Se lo SPLA porterà a termine il programma che ha preparato e firmato – rimuovendo tutti i bambini soldato dalle milizie e impegnandosi a dar loro un’istruzione e delle opportunità di formazione – il paese potrebbe essere cancellato dalla lista dell’Unicef tra due anni.

Ma per i bambini soldato il processo di reintegrazione potrebbe richiedere molto più tempo, quello necessario per cominciare la scuola e acquisire le competenze che daranno loro le opportunità per vivere al di fuori delle caserme.

Il processo inizierà, secondo Fatuma H. Ibrahim, direttrice dell’unità di protezione dell'infanzia dell’UNICEF nel Sudan meridionale, assicurando il rilascio formale di tutti i bambini soldato. Nell’andarsene, saranno dati loro abiti civili perché “quello che è militare rimane con i militari,” ha affermato.

I giovani, di età compresa tra i 12 e i 18 anni, saranno sottoposti a incontri di terapia di gruppo con degli assistenti sociali per provare a capire come sono entrati a far parte delle milizie e parlare delle violenze che potrebbero aver subito.

Ibrahim ha dichiarato che circa l’1 per cento di loro “avrà bisogno di un trattamento clinico”, sebbene le loro possibilità siano limitate in un paese con scarse risorse psichiatriche. “È un grosso problema. Alla maggior parte di loro vengono date delle pillole, ma questo è tutto”.

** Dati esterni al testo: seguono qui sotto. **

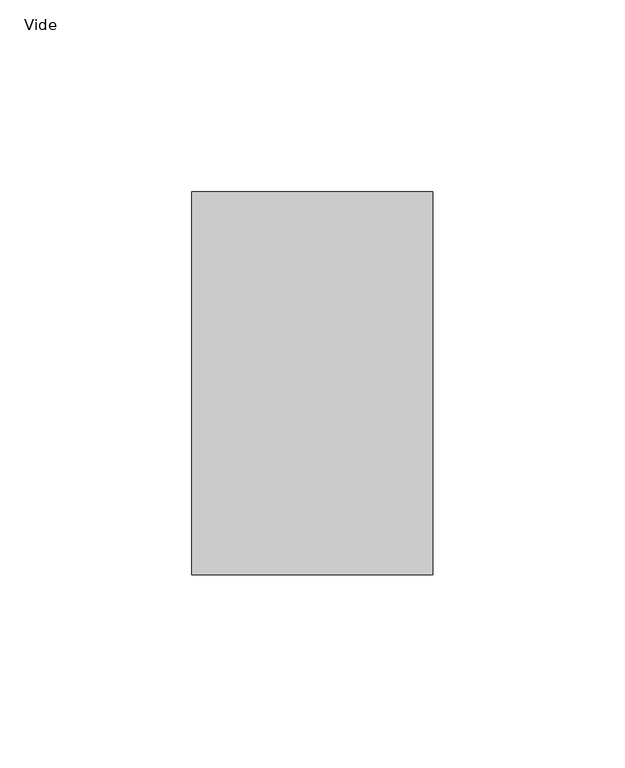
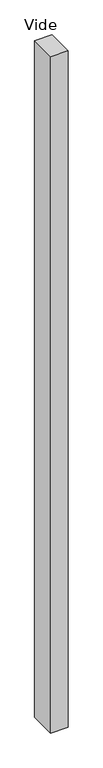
"""IFC4 building model written with IfcOpenShell, lengths in millimetres: plate geometry, Panneau système vide : Vide."""

import ifcopenshell
import ifcopenshell.guid

model = None  # the IFC model being written
_history = None  # IfcOwnerHistory: only IFC2X3 demands one
_inside = {}  # id of a spatial element -> (the spatial element, [elements in it])
_under = {}  # id of a project, library or spatial element -> (it, [spatial elements below it])
_declared = {}  # id of a project -> (the project, [libraries it declares])
_typed = {}  # id of a type object -> (the type object, [elements of that type])
_made_of = {}  # id of a material, layer set ... -> (it, [elements and type objects made of it])


def new_model(schema):
    """Start an empty IFC model of exactly this schema.

    Asked for "IFC4X3", IfcOpenShell would pick the latest addendum, in which some entities
    have other attributes; the version numbers below select the first issue.
    IFC2X3 requires an IfcOwnerHistory on every rooted entity: one is made here for all.
    """
    global model, _history
    if schema == "IFC4X3":
        model = ifcopenshell.file(schema_version=(4, 3, 0, 0))
    else:
        model = ifcopenshell.file(schema=schema)
    _inside.clear()
    _under.clear()
    _declared.clear()
    _typed.clear()
    _made_of.clear()
    _history = None
    if model.schema == "IFC2X3":
        org = make("IfcOrganization", Name="unknown")
        user = make(
            "IfcPersonAndOrganization",
            ThePerson=make("IfcPerson", FamilyName="unknown"),
            TheOrganization=org,
        )
        app = make(
            "IfcApplication",
            ApplicationDeveloper=org,
            Version="unknown",
            ApplicationFullName="unknown",
            ApplicationIdentifier="unknown",
        )
        _history = make(
            "IfcOwnerHistory",
            OwningUser=user,
            OwningApplication=app,
            ChangeAction="ADDED",
            CreationDate=0,
        )
    return model


def make(cls, **values):
    """One entity of the class cls with the attributes given. An attribute that is None is left unset."""
    return model.create_entity(
        cls, **{name: value for name, value in values.items() if value is not None}
    )


def rooted(cls, **values):
    """An entity with a GlobalId (a new one), such as an element, a storey or a relation."""
    return make(cls, GlobalId=ifcopenshell.guid.new(), OwnerHistory=_history, **values)


def si_unit(unit_type, name, prefix=None):
    """IfcSIUnit, for example si_unit("LENGTHUNIT", "METRE", prefix="MILLI")."""
    return make("IfcSIUnit", UnitType=unit_type, Prefix=prefix, Name=name)


def assignment(units):
    """IfcUnitAssignment: the units of a project."""
    return None if units is None else make("IfcUnitAssignment", Units=units)


def point(xyz):
    """IfcCartesianPoint."""
    return None if xyz is None else make("IfcCartesianPoint", Coordinates=xyz)


def direction(xyz):
    """IfcDirection."""
    return None if xyz is None else make("IfcDirection", DirectionRatios=xyz)


def frame(location, z_axis=None, x_axis=None):
    """IfcAxis2Placement3D, a coordinate frame: its origin and axes. An axis left out is left unset."""
    return make(
        "IfcAxis2Placement3D",
        Location=point(location),
        Axis=direction(z_axis),
        RefDirection=direction(x_axis),
    )


def origin():
    """The frame at (0, 0, 0) with its axes left unset."""
    return frame((0.0, 0.0, 0.0))


def origin_with_axes():
    """The frame at (0, 0, 0) with the z axis (0, 0, 1) and the x axis (1, 0, 0) written out."""
    return frame((0.0, 0.0, 0.0), z_axis=(0.0, 0.0, 1.0), x_axis=(1.0, 0.0, 0.0))


def place(relative_to, where):
    """IfcLocalPlacement: puts the frame where relative to a parent placement (None: the world)."""
    return make(
        "IfcLocalPlacement", PlacementRelTo=relative_to, RelativePlacement=where
    )


def context(
    kind, dimensions, precision=None, world=None, true_north=None, identifier=None
):
    """IfcGeometricRepresentationContext, for example the 3D "Model" context."""
    return make(
        "IfcGeometricRepresentationContext",
        ContextIdentifier=identifier,
        ContextType=kind,
        CoordinateSpaceDimension=dimensions,
        Precision=precision,
        WorldCoordinateSystem=world,
        TrueNorth=true_north,
    )


def project(units=None, contexts=None):
    """IfcProject with its units and contexts."""
    return rooted(
        "IfcProject",
        Name="project",
        RepresentationContexts=contexts,
        UnitsInContext=assignment(units),
    )


def spatial(cls, under=None, at=None, **own):
    """A site, building, storey or space (cls), placed at a placement, below another one or the project."""
    s = rooted(cls, ObjectPlacement=at, **own)
    if under is not None:
        _under.setdefault(under.id(), (under, []))[1].append(s)
    return s


def polyline(points):
    """IfcPolyline through the points."""
    return make("IfcPolyline", Points=[point(p) for p in points])


def outline(outer, holes=None, kind="AREA"):
    """IfcArbitraryClosedProfileDef: a profile drawn as a closed curve; with holes, ...WithVoids."""
    if holes is None:
        return make("IfcArbitraryClosedProfileDef", ProfileType=kind, OuterCurve=outer)
    return make(
        "IfcArbitraryProfileDefWithVoids",
        ProfileType=kind,
        OuterCurve=outer,
        InnerCurves=holes,
    )


def extrude(swept, where, along, depth):
    """IfcExtrudedAreaSolid: the profile swept, set in the frame where, extruded along a direction by depth."""
    return make(
        "IfcExtrudedAreaSolid",
        SweptArea=swept,
        Position=where,
        ExtrudedDirection=direction(along),
        Depth=depth,
    )


def shape(context_of_items, identifier, shape_type, items):
    """IfcShapeRepresentation: the items that make up one representation, for example the "Body"."""
    return make(
        "IfcShapeRepresentation",
        ContextOfItems=context_of_items,
        RepresentationIdentifier=identifier,
        RepresentationType=shape_type,
        Items=items,
    )


def source(mapping_origin, context_of_items, identifier, shape_type, items):
    """IfcRepresentationMap: a shape defined once, which mapped items show again and again."""
    return make(
        "IfcRepresentationMap",
        MappingOrigin=mapping_origin,
        MappedRepresentation=shape(context_of_items, identifier, shape_type, items),
    )


def transform(
    local_origin,
    x_axis=None,
    y_axis=None,
    z_axis=None,
    scale=None,
    scale2=None,
    scale3=None,
    uniform=True,
):
    """IfcCartesianTransformationOperator3D, or its non-uniform kind. x_axis, y_axis, z_axis: its Axis1, 2, 3."""
    if uniform:
        return make(
            "IfcCartesianTransformationOperator3D",
            Axis1=direction(x_axis),
            Axis2=direction(y_axis),
            LocalOrigin=point(local_origin),
            Scale=scale,
            Axis3=direction(z_axis),
        )
    return make(
        "IfcCartesianTransformationOperator3DnonUniform",
        Axis1=direction(x_axis),
        Axis2=direction(y_axis),
        LocalOrigin=point(local_origin),
        Scale=scale,
        Axis3=direction(z_axis),
        Scale2=scale2,
        Scale3=scale3,
    )


def mapped(mapping_source, mapping_target):
    """IfcMappedItem: shows the shape of a source again, moved by a transform."""
    return make(
        "IfcMappedItem", MappingSource=mapping_source, MappingTarget=mapping_target
    )


def made_of(thing, what):
    """Note that an element or type object is made of a material, layer set ...; save() writes the relation."""
    if what is not None:
        _made_of.setdefault(what.id(), (what, []))[1].append(thing)
    return thing


def element(
    cls,
    number,
    at=None,
    inside=None,
    cuts=None,
    type_object=None,
    material=None,
    context=None,
    identifier="Body",
    shape_type=None,
    held_by="IfcProductDefinitionShape",
    body=None,
    shapes=None,
    **own,
):
    """One element of the class cls, such as IfcWall. Its Tag is "e" and its number.

    at: its placement. inside: the storey or other place that contains it. cuts: it is an
    opening in that element (IfcRelVoidsElement). A single representation is given by context,
    identifier, shape_type and body (its items); several are given by shapes. held_by: the class
    of the entity that holds the representations. save() writes the other relations.
    """
    e = rooted(cls, Tag="e%d" % number, ObjectPlacement=at, **own)
    if body is not None:
        shapes = [shape(context, identifier, shape_type, body)]
    if shapes is not None:
        e.Representation = make(held_by, Representations=shapes)
    if inside is not None:
        _inside.setdefault(inside.id(), (inside, []))[1].append(e)
    if cuts is not None:
        rooted(
            "IfcRelVoidsElement", RelatingBuildingElement=cuts, RelatedOpeningElement=e
        )
    if type_object is not None:
        _typed.setdefault(type_object.id(), (type_object, []))[1].append(e)
    return made_of(e, material)


def aggregate(whole, parts):
    """IfcRelAggregates: a whole, such as a stair, and the parts it consists of."""
    return rooted("IfcRelAggregates", RelatingObject=whole, RelatedObjects=parts)


def save(model, path):
    """Write the relations noted so far, then the file.

    IfcRelAggregates (storeys below a building ...), IfcRelContainedInSpatialStructure (elements
    in a storey), IfcRelDefinesByType, IfcRelAssociatesMaterial and IfcRelDeclares: one each for
    every whole, place, type object, material and project.
    """
    for whole, parts in _under.values():
        aggregate(whole, parts)
    for where, things in _inside.values():
        rooted(
            "IfcRelContainedInSpatialStructure",
            RelatedElements=things,
            RelatingStructure=where,
        )
    for kind, things in _typed.values():
        rooted("IfcRelDefinesByType", RelatedObjects=things, RelatingType=kind)
    for what, things in _made_of.values():
        rooted("IfcRelAssociatesMaterial", RelatedObjects=things, RelatingMaterial=what)
    for by, libraries in _declared.values():
        rooted("IfcRelDeclares", RelatingContext=by, RelatedDefinitions=libraries)
    model.write(path)


def vide_5da8b72d(model_context):
    return source(origin(), model_context, "Body", "SweptSolid", [
        extrude(outline(polyline([(31.4999998, 50.0), (-31.4999998, 50.0), (-31.4999998, 150.0), (31.4999998, 150.0), (31.4999998, 50.0)])), origin_with_axes(), (0.0, 0.0, 1.0), 2588.190451),
    ])


if __name__ == "__main__":
    model = new_model("IFC4")
    model_context = context("Model", 3, world=origin())
    ifc_project = project(units=[si_unit("LENGTHUNIT", "METRE", prefix="MILLI")], contexts=[model_context])
    site = spatial("IfcSite", under=ifc_project)
    building = spatial("IfcBuilding", under=site)
    placement = place(None, origin())
    vide_shape = vide_5da8b72d(model_context)
    element("IfcPlate", 1, ObjectType="Panneau système vide : Vide", at=placement, inside=building, context=model_context, shape_type="MappedRepresentation", body=[
        mapped(vide_shape, transform((0.0, 0.0, 0.0), x_axis=(1.0, 0.0, 0.0), y_axis=(0.0, 1.0, 0.0), z_axis=(0.0, 0.0, 1.0))),
    ])
    save(model, "model.ifc")

Anche i loro familiari incontreranno gli assistenti sociali per discutere della reintegrazione ed assicurarsi che i bambini vengano nuovamente accolti e scoraggiati dal tornare nelle milizie.

“I genitori devono essere preparati a riceverli,” ha detto Ibrahim. In alcune comunità del Sudan meridionale è prevista anche una cerimonia simbolica di transizione.

In un paese che ha conosciuto la guerra per più di due decadi, l’esercito è spesso una delle poche opportunità economiche praticabili per i ragazzi. Molti dei minori che l’UNICEF e i suoi collaboratori hanno sottratto ai gruppi armati avevano scelto questa strada proprio nella speranza di poter garantire la sicurezza finanziaria per sé e la propria famiglia.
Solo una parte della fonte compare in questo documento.